In Fig. 4, we note that the proposed approach of hierarchical classification has increased the accuracy rate. While, the best approach obtained an accuracy of 71% in a multi-class classification, the proposed approach allows to detect an abnormal connection with a rate of 86%, and to predict the attack type with a success rate of 79%.

Fig. 5.
figure 5

Classification methods comparison on CIC_IDS 2017 Dataset

We valid our hypothesis also on the CIC-IDS 2017 dataset. In Fig. 5, we note that the proposed approach of hierarchical classification has increased the accuracy rate. While, the best approach obtained an accuracy of 88% in a multi-class classification, the proposed approach allows to detect an abnormal connection with a rate of 92%, and to predict the attack type with a success rate of 95%.

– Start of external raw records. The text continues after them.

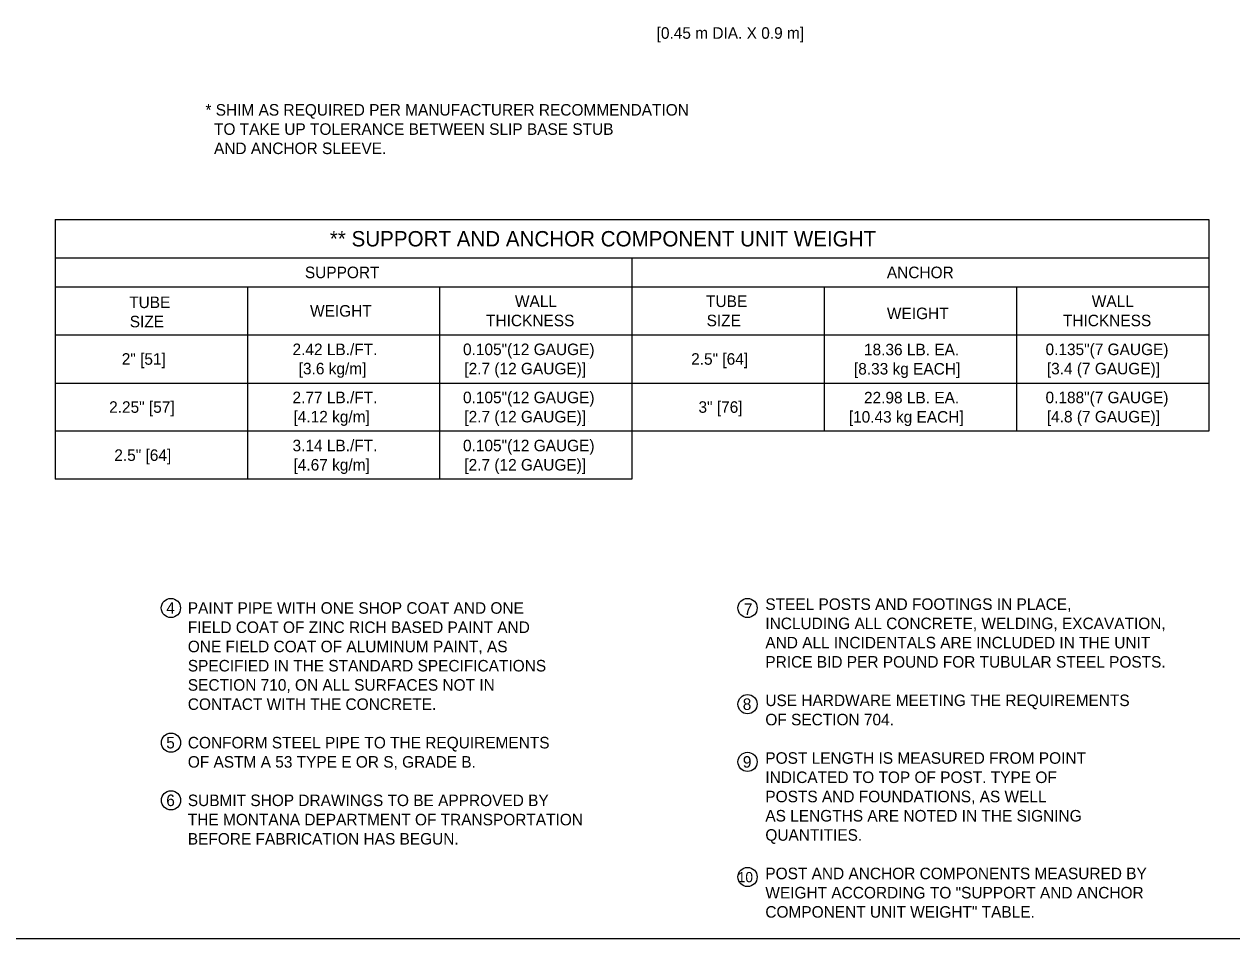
# Model space of a CAD drawing. Extents: x 49940 to 50043, y 49986 to 50011.
# Drawn here: x 50004.91 to 50011.19, y 49987.8 to 49992.55 of the extents above; entities that cross this region are included whole.
import ezdxf

# ---------------------------------------------------------------- set-up
doc = ezdxf.new("R2010")
doc.units = 0
doc.layers.add('Level 1', color=7, linetype='Continuous')
doc.layers.add('Level 2', color=7, linetype='Continuous')

msp = doc.modelspace()

# ---------------------------------------------------------------- linework, layer by layer
at = {"layer": 'Level 1'}
msp.add_lwpolyline([(49999.3835, 49998.9992), (50016.7501, 49998.9992), (50016.7501, 49987.7988), (49999.3835, 49987.7988)], close=True, dxfattribs=at)
at = {"layer": 'Level 2'}
for p, q in [((50005.0668, 49991.5385), (50011.0668, 49991.5385)), ((50005.0668, 49991.5385), (50005.0668, 49990.1885)), ((50011.0668, 49991.5385), (50011.0668, 49990.4385)), ((50005.0668, 49991.3385), (50011.0668, 49991.3385)), ((50008.0668, 49991.3385), (50008.0668, 49990.1885)), ((50005.0668, 49991.1885), (50011.0668, 49991.1885)), ((50006.0668, 49991.1885), (50006.0668, 49990.1885)), ((50006.4699, 49991.1885), (50006.4699, 49991.1885)), ((50007.0668, 49991.1885), (50007.0668, 49990.1885)), ((50008.0668, 49991.1885), (50008.0668, 49991.1885)), ((50009.0668, 49991.1885), (50009.0668, 49990.4364)), ((50010.0668, 49991.1885), (50010.0668, 49990.4364)), ((50005.0668, 49990.9385), (50011.0668, 49990.9385)), ((50006.4699, 49990.9385), (50006.4699, 49990.9385)), ((50007.2699, 49990.9385), (50007.2699, 49990.9385)), ((50008.0668, 49990.9385), (50008.0668, 49990.9385)), ((50008.8668, 49990.9385), (50008.8668, 49990.9385)), ((50009.6668, 49990.9385), (50009.6668, 49990.9385)), ((50007.8388, 49990.7883), (50007.8388, 49990.7883)), ((50005.0668, 49990.6885), (50011.0668, 49990.6885)), ((50006.4699, 49990.6885), (50006.4699, 49990.6885)), ((50007.2699, 49990.6885), (50007.2699, 49990.6885)), ((50008.0668, 49990.6885), (50008.0668, 49990.6885)), ((50008.8668, 49990.6885), (50008.8668, 49990.6885)), ((50009.6668, 49990.6885), (50009.6668, 49990.6885)), ((50007.8388, 49990.4888), (50007.8388, 49990.4888)), ((50011.0668, 49990.4385), (50005.0668, 49990.4385)), ((50008.0668, 49990.1885), (50005.0668, 49990.1885))]:
    msp.add_line(p, q, dxfattribs=at)
for centre in [(50005.6691, 49989.5188), (50008.6681, 49989.5188), (50008.6681, 49989.0188), (50005.6698, 49988.8188), (50008.6681, 49988.7188), (50005.6698, 49988.5188), (50008.6681, 49988.1203)]:
    msp.add_circle(centre, 0.05, dxfattribs=at)

# ---------------------------------------------------------------- texts
for s, height, p in [('[0.45 m DIA. X 0.9 m]', 0.06, (50008.1953, 49992.4781)), ('* SHIM AS REQUIRED PER MANUFACTURER RECOMMENDATION ', 0.06, (50005.8488, 49992.0786)), ('  TO TAKE UP TOLERANCE BETWEEN SLIP BASE STUB ', 0.06, (50005.8488, 49991.9786)), ('  AND ANCHOR SLEEVE.', 0.06, (50005.8488, 49991.8786)), ('** SUPPORT AND ANCHOR COMPONENT UNIT WEIGHT', 0.08, (50006.4957, 49991.3985)), ('SUPPORT', 0.06, (50006.3661, 49991.2335)), ('ANCHOR', 0.06, (50009.3927, 49991.2335)), ('TUBE', 0.06, (50005.4524, 49991.078)), ('WEIGHT', 0.06, (50006.3929, 49991.0335)), ('WALL', 0.06, (50007.4585, 49991.0835)), ('TUBE', 0.06, (50008.4524, 49991.0835)), ('WALL', 0.06, (50010.4585, 49991.0835)), ('SIZE', 0.06, (50005.4553, 49990.978)), ('THICKNESS', 0.06, (50007.3083, 49990.9835)), ('SIZE', 0.06, (50008.4553, 49990.9835)), ('WEIGHT', 0.06, (50009.3929, 49991.0205)), ('THICKNESS', 0.06, (50010.3083, 49990.9835)), ('2" [51]', 0.06, (50005.4136, 49990.7835)), ('2.42 LB./FT.', 0.06, (50006.3018, 49990.8335)), ('0.105"(12 GAUGE)', 0.06, (50007.1884, 49990.8335)), ('2.5" [64]', 0.06, (50008.3749, 49990.7835)), ('18.36 LB. EA.', 0.06, (50009.2736, 49990.8325)), ('0.135"(7 GAUGE)', 0.06, (50010.2178, 49990.8335)), ('[3.6 kg/m]', 0.06, (50006.3338, 49990.7335)), ('[2.7 (12 GAUGE)]', 0.06, (50007.1953, 49990.7335)), ('[8.33 kg EACH]', 0.06, (50009.2214, 49990.7325)), ('[3.4 (7 GAUGE)]', 0.06, (50010.2246, 49990.7335)), ('2.25" [57]', 0.06, (50005.3479, 49990.5335)), ('2.77 LB./FT.', 0.06, (50006.3018, 49990.5835)), ('0.105"(12 GAUGE)', 0.06, (50007.1884, 49990.5835)), ('3" [76]', 0.06, (50008.4129, 49990.5335)), ('22.98 LB. EA.', 0.06, (50009.2736, 49990.5825)), ('0.188"(7 GAUGE)', 0.06, (50010.2178, 49990.5835)), ('[4.12 kg/m]', 0.06, (50006.3069, 49990.4835)), ('[2.7 (12 GAUGE)]', 0.06, (50007.1953, 49990.4835)), ('[10.43 kg EACH]', 0.06, (50009.1945, 49990.4825)), ('[4.8 (7 GAUGE)]', 0.06, (50010.2246, 49990.4835)), ('2.5" [64]', 0.06, (50005.3749, 49990.2835)), ('3.14 LB./FT.', 0.06, (50006.3018, 49990.3335)), ('0.105"(12 GAUGE)', 0.06, (50007.1884, 49990.3335)), ('[4.67 kg/m]', 0.06, (50006.3069, 49990.2335)), ('[2.7 (12 GAUGE)]', 0.06, (50007.1953, 49990.2335)), ('4', 0.06, (50005.6451, 49989.4888)), ('PAINT PIPE WITH ONE SHOP COAT AND ONE', 0.06, (50005.7572, 49989.4888)), ('7', 0.06, (50008.6492, 49989.4831)), ('STEEL POSTS AND FOOTINGS IN PLACE,', 0.06, (50008.7607, 49989.5088)), ('INCLUDING ALL CONCRETE, WELDING, EXCAVATION,', 0.06, (50008.7607, 49989.4088)), ('FIELD COAT OF ZINC RICH BASED PAINT AND', 0.06, (50005.7572, 49989.3888)), ('ONE FIELD COAT OF ALUMINUM PAINT, AS', 0.06, (50005.7572, 49989.2888)), ('AND ALL INCIDENTALS ARE INCLUDED IN THE UNIT ', 0.06, (50008.7607, 49989.3088)), ('PRICE BID PER POUND FOR TUBULAR STEEL POSTS.', 0.06, (50008.7607, 49989.2088)), ('SPECIFIED IN THE STANDARD SPECIFICATIONS', 0.06, (50005.7572, 49989.1888)), ('SECTION 710, ON ALL SURFACES NOT IN', 0.06, (50005.7572, 49989.0888)), ('CONTACT WITH THE CONCRETE.', 0.06, (50005.7572, 49988.9888)), ('8', 0.06, (50008.6431, 49988.9888)), ('USE HARDWARE MEETING THE REQUIREMENTS ', 0.06, (50008.7607, 49989.0088)), ('OF SECTION 704. ', 0.06, (50008.7607, 49988.9088)), ('5', 0.06, (50005.6449, 49988.7888)), ('CONFORM STEEL PIPE TO THE REQUIREMENTS', 0.06, (50005.7572, 49988.7888)), ('POST LENGTH IS MEASURED FROM POINT', 0.06, (50008.7607, 49988.7088)), ('OF ASTM A 53 TYPE E OR S, GRADE B.', 0.06, (50005.7572, 49988.6888)), ('9', 0.06, (50008.6436, 49988.6888)), ('INDICATED TO TOP OF POST. TYPE OF ', 0.06, (50008.7607, 49988.6088)), ('6', 0.06, (50005.6452, 49988.4888)), ('SUBMIT SHOP DRAWINGS TO BE APPROVED BY', 0.06, (50005.7572, 49988.4888)), ('POSTS AND FOUNDATIONS, AS WELL', 0.06, (50008.7607, 49988.5088)), ('AS LENGTHS ARE NOTED IN THE SIGNING', 0.06, (50008.7607, 49988.4088)), ('THE MONTANA DEPARTMENT OF TRANSPORTATION', 0.06, (50005.7572, 49988.3888)), ('BEFORE FABRICATION HAS BEGUN.', 0.06, (50005.7572, 49988.2888)), ('QUANTITIES.', 0.06, (50008.7607, 49988.3088)), ('10', 0.05338, (50008.6171, 49988.0929)), ('POST AND ANCHOR COMPONENTS MEASURED BY ', 0.06, (50008.7607, 49988.1088)), ('WEIGHT ACCORDING TO "SUPPORT AND ANCHOR', 0.06, (50008.7607, 49988.0088)), ('COMPONENT UNIT WEIGHT" TABLE.', 0.06, (50008.7607, 49987.9088))]:
    msp.add_text(s, height=height, dxfattribs=at).set_placement(p)

doc.saveas('drawing.dxf')

According to the results of our comparative study, in general we can validate the hypothesis that to achieve effective intrusion detection, we must start with a binary classification (attack/normal) using our best neural network model, followed by the application of the KNN algorithm or the best neural network model to find out what type of attack is involved.

5 Conclusion

The study presented here leads us to make two conclusions. It appears first that the learning model best suited to the intrusion detection problem is that based on convolutional neural networks. Moreover, by comparing different learning strategies, the approach based on a hierarchical detection of the attacks (starting with a first level of binary classification discriminating only the compliant traffic of the nonconforming traffic) presents the best performances, well in front of the methods of multi-label classification. The system thus obtained has an intrusion detection rate of 95%. These results allow us to consider the implementation of a real-time intrusion detection system based on our CNN model and binary classification. This will require larger datasets and more powerful training infrastructure solutions to further improve the detection rate. Finally, one of the challenges of intrusion detection remains zero-day attack detection. It turns out that the method used to train our neural network gives him the ability to identify as invalid data he has never met during his training. The next task will be to develop this capacity and especially to measure its effectiveness.